# 2004 sunny brook model 2716



## Copper5839 (Nov 3, 2010)

Hi everyone,
I am looking to see if anyone can tell me the weight of the model 2716 sunny brook travel trailer? I am possibly buying one from a dealer and they tell me that the weight is 5000lbs at that I will have no problems towing it with my Honda ridgeline, the truck I was told can to 5000lbs with 2 passengers. I just don't want to destroy my truck.
     Thanks for any feed back


----------



## Grandview Trailer Sa (Nov 4, 2010)

Re: 2004 sunny brook model 2716

You can find the weight of the trailer inside the trailer.  Look in the kitchen cabinets and find a sticker that has UVW on it.  That is the Unloaded Vehicle Weight.  If it says 5,000, as your dealer states, then you are gonna max your truck.  You have to figure in what you put in the trailer...food, clothes, chairs, water, etc.


----------



## Triple E (Nov 4, 2010)

Re: 2004 sunny brook model 2716

Hello Copper and welcome to the site.  As Ken said, if your truck is only rated as a half ton you are at your limit with the trailer empty.  I don't understand how salesmen are allowed to tell people this stuff, but they do.

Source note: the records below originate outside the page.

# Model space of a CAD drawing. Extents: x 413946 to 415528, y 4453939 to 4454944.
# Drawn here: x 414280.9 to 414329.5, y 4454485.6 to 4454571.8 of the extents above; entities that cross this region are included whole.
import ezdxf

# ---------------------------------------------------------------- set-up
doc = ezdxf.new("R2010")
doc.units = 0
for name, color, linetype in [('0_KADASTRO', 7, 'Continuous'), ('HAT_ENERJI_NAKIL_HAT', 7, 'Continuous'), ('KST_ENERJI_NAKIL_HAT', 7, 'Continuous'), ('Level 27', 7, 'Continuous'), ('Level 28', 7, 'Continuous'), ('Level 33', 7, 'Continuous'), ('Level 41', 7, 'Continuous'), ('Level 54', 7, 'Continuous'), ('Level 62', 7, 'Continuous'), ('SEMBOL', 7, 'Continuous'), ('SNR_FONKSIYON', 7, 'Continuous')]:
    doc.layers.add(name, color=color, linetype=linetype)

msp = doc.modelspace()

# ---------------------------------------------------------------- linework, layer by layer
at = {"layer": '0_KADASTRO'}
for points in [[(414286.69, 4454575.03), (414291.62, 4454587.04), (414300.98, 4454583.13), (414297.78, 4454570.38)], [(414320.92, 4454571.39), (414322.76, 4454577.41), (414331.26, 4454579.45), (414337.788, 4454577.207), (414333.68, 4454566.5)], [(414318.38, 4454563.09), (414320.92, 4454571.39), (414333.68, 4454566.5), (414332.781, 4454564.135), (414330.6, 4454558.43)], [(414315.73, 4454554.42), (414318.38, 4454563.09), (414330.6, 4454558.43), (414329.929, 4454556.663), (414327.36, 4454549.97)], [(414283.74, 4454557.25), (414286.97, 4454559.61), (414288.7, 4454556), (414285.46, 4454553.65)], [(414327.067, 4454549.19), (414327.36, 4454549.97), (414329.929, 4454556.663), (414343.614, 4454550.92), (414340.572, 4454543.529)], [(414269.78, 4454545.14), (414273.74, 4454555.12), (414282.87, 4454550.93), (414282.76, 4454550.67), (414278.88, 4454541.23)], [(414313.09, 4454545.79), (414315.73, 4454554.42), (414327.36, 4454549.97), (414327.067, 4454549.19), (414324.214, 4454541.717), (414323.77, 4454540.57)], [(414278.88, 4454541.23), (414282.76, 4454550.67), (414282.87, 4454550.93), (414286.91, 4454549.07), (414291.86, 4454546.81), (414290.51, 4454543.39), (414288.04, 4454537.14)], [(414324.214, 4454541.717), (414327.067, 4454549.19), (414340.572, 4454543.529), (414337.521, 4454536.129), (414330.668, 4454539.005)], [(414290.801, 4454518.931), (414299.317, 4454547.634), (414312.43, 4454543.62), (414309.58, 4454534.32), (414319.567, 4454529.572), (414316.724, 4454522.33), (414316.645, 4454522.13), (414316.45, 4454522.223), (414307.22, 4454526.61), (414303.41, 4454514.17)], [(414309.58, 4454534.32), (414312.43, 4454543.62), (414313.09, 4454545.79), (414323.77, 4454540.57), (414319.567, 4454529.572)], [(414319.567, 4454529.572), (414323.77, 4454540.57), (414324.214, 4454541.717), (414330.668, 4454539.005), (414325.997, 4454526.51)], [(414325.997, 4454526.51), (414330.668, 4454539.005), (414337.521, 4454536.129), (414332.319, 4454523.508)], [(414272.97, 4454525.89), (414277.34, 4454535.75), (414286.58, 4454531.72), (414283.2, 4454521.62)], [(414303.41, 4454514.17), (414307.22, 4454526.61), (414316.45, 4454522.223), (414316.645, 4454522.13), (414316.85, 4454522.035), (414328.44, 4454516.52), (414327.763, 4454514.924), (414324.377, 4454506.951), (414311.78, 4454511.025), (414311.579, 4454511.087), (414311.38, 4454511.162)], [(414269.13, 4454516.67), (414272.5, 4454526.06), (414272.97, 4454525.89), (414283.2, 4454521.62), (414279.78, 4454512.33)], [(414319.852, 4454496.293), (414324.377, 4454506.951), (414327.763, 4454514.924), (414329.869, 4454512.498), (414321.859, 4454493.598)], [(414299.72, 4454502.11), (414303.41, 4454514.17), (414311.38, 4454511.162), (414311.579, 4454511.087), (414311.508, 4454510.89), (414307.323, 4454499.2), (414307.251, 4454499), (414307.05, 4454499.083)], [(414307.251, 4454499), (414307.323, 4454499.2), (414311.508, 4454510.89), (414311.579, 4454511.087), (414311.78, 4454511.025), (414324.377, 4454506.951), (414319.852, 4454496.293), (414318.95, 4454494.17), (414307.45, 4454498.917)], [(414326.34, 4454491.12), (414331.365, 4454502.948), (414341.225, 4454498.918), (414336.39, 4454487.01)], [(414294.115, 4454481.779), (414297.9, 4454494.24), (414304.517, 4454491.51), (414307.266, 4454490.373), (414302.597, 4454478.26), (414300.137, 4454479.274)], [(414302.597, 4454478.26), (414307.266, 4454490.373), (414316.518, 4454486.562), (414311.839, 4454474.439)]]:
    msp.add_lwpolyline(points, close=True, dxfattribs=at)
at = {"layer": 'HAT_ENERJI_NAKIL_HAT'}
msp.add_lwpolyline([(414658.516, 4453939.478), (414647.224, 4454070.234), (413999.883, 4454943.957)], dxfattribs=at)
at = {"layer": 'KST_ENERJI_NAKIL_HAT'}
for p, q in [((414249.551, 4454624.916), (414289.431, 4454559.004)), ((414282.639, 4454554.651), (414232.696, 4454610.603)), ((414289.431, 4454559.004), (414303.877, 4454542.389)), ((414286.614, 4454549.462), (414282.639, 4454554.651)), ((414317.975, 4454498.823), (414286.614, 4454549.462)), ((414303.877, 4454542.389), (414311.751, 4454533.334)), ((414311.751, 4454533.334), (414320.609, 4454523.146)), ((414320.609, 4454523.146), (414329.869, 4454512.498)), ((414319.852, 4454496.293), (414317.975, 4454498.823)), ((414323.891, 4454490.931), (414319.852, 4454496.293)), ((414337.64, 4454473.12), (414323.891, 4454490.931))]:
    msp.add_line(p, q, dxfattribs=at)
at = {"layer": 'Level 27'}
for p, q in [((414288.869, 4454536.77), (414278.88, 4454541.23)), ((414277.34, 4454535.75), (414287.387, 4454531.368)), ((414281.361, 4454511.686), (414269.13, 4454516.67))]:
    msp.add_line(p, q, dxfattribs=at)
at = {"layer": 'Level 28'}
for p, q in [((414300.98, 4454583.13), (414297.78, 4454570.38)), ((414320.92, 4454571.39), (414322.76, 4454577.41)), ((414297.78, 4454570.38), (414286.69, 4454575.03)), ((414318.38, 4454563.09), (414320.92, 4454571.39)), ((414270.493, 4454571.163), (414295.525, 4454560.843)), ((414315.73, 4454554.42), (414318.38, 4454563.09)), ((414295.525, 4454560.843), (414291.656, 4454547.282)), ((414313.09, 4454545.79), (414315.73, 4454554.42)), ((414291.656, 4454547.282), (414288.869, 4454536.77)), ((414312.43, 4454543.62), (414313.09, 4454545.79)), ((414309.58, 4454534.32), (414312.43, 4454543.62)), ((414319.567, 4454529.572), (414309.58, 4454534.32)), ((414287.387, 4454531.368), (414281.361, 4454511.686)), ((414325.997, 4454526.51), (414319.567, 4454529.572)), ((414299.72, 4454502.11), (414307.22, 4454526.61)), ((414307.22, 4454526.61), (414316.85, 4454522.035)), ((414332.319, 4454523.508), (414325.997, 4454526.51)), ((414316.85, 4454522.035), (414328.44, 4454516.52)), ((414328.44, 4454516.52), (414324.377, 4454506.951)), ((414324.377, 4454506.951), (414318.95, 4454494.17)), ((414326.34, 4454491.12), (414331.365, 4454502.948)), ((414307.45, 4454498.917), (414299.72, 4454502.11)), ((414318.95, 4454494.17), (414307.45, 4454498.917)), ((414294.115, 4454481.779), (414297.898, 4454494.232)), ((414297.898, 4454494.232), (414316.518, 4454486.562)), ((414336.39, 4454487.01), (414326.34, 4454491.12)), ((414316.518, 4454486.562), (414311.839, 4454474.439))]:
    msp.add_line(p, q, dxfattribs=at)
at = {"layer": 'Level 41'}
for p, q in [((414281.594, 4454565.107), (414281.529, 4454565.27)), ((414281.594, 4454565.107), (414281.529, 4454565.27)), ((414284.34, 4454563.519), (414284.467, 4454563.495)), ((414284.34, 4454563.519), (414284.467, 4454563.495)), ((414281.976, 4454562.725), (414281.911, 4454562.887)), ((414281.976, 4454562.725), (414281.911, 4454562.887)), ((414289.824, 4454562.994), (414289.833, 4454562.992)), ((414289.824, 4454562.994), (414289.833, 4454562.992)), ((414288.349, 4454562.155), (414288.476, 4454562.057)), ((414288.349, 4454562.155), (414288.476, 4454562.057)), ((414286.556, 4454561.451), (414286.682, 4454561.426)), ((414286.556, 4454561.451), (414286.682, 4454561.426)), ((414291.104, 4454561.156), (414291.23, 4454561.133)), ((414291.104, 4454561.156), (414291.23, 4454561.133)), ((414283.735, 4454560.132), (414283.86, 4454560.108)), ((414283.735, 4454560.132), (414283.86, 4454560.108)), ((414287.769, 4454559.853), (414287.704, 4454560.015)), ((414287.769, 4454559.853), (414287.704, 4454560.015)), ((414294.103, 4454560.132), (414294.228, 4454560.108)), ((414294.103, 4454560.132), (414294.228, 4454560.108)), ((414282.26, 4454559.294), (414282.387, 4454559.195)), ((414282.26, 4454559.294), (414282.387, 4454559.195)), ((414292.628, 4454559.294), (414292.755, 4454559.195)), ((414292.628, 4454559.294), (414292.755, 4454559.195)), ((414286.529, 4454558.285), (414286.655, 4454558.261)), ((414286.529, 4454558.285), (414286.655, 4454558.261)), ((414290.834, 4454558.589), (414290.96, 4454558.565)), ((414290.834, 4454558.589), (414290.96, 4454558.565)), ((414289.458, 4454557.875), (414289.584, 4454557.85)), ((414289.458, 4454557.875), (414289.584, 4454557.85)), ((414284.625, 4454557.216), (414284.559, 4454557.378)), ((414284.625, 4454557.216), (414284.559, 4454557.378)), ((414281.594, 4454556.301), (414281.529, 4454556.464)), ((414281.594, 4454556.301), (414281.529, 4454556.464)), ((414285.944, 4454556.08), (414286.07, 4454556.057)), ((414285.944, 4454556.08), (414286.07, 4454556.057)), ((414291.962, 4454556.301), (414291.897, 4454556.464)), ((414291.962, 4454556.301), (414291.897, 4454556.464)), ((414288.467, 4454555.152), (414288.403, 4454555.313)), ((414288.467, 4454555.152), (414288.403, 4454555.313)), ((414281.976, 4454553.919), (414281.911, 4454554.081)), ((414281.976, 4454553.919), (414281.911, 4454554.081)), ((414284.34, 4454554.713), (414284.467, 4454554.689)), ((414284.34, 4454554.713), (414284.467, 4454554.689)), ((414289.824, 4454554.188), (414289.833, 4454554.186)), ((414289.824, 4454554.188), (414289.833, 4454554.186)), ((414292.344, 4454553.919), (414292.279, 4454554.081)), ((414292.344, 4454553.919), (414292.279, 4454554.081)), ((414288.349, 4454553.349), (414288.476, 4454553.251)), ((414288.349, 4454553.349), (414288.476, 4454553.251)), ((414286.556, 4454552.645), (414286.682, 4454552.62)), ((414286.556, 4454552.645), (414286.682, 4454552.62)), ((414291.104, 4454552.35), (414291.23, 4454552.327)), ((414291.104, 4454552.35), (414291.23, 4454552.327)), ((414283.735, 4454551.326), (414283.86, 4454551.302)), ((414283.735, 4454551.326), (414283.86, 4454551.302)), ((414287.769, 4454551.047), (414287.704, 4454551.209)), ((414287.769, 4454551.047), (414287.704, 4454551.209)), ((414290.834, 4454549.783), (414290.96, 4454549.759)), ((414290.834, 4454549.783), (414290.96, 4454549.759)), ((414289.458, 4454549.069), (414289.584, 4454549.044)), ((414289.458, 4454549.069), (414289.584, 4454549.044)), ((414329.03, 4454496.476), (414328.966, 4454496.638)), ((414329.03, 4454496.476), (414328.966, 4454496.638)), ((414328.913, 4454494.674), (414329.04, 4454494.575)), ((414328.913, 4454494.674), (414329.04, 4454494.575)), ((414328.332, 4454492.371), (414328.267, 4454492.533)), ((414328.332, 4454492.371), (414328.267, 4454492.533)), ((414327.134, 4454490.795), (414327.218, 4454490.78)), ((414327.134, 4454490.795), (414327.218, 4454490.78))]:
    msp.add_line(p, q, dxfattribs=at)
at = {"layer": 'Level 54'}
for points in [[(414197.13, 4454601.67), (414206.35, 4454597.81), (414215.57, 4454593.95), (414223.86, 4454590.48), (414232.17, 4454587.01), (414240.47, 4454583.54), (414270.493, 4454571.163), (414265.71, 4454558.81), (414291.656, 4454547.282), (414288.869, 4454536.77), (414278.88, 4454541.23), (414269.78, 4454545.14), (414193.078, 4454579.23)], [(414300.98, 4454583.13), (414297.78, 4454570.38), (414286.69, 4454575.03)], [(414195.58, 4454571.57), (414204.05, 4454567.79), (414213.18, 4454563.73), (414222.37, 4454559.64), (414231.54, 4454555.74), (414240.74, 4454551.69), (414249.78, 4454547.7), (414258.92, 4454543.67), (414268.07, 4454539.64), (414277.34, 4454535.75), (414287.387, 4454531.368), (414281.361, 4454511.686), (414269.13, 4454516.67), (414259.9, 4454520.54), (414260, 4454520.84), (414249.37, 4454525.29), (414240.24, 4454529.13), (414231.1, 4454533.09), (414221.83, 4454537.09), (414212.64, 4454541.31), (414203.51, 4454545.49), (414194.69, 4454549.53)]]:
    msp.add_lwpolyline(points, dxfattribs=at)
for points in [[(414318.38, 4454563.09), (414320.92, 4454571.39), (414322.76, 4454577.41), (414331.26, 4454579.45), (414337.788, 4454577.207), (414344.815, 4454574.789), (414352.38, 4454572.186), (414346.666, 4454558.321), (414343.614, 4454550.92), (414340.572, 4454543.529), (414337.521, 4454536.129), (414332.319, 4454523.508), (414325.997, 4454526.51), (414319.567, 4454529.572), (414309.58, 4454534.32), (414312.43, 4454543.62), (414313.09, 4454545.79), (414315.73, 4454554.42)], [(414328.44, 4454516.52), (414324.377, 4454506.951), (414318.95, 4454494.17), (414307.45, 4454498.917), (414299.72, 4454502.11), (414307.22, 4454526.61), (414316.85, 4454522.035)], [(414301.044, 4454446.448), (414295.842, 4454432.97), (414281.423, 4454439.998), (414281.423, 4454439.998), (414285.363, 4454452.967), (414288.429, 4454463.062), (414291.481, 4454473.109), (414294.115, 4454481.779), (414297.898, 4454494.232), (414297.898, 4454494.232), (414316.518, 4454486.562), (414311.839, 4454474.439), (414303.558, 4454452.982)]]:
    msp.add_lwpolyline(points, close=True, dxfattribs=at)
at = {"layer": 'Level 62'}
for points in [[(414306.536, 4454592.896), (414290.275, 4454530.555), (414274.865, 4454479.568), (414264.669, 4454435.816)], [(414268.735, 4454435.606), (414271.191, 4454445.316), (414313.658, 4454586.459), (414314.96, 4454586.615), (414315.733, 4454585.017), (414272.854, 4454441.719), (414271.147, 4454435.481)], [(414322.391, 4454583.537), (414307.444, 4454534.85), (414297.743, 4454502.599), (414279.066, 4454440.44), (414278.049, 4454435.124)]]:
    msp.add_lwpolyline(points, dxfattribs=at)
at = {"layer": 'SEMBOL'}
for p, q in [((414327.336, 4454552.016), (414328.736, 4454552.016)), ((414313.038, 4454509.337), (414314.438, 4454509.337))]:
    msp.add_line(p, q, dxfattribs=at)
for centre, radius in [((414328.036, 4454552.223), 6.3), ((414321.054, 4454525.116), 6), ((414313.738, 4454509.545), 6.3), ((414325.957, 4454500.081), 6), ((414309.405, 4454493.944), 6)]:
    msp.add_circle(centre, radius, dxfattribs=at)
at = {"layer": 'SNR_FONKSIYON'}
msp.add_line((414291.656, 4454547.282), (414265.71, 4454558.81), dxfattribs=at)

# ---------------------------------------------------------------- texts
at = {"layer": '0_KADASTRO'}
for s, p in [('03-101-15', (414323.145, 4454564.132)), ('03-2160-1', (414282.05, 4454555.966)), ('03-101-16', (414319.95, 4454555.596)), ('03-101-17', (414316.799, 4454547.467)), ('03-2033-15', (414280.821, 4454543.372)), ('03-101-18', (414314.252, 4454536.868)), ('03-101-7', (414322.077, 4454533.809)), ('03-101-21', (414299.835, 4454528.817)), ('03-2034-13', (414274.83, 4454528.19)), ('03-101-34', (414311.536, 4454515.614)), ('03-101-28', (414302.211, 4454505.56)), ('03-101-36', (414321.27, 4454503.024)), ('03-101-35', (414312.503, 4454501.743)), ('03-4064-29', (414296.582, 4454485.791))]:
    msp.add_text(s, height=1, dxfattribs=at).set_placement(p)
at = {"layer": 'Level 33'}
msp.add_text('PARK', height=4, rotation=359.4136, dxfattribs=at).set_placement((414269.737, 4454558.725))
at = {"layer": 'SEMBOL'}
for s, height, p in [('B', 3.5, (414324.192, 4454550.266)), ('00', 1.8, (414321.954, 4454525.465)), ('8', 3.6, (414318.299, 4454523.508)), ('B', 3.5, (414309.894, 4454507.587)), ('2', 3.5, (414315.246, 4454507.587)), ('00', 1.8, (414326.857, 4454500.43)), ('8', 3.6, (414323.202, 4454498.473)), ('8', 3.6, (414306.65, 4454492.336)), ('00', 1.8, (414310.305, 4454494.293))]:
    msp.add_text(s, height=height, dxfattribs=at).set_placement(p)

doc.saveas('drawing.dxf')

SunnyBrook, great trailer.  :approve: 

Salesman, ***hole.   :angry:


----------



## Copper5839 (Nov 4, 2010)

RE: 2004 sunny brook model 2716

thanks for the information, I will have to go look at the sticker before I sign anything then I guess.


----------



## Copper5839 (Nov 5, 2010)

RE: 2004 sunny brook model 2716

I spoke to the dealer today they said that if I add the weight distribution kit and sway bars that it will take alot of weight off the truck and I could tow the trailer with no problems, still a little concerned.


----------



## OPEPPER (Nov 30, 2010)

Re: 2004 sunny brook model 2716

I would be very concerned. I have towed trailers for the last 30 years and when you get near the max weight it is no fun. I would recommend that you get a SMALLER trailer and lighter, the wind will be a huge concern for you as well as wet roads. There is a lot of potential for a bad vacation when towing to max or over, either your or someone elses. Hate to be so negative but I have made mistakes and hope you can learn from mine.


----------



## akjimny (Nov 30, 2010)

Re: 2004 sunny brook model 2716

A weight distributing hitch just moves the weight around - it doesn't make the weight go away.  You will be severely pushing you load limit, which will wear out your truck and your nerves a lot sooner than a properly match tow vehicle/trailer combo.  It ain't no fun when the trailer pushes you down a long, steep, curvy hill faster than you really want to go!!


----------



## Grandview Trailer Sa (Nov 30, 2010)

Re: 2004 sunny brook model 2716

I agree and would like to know what he did...


----------



## CharlieS (Dec 4, 2010)

Re: 2004 sunny brook model 2716

Either the dealer does not know what he is talking about, or he is trying to mislead you to make a sale.


----------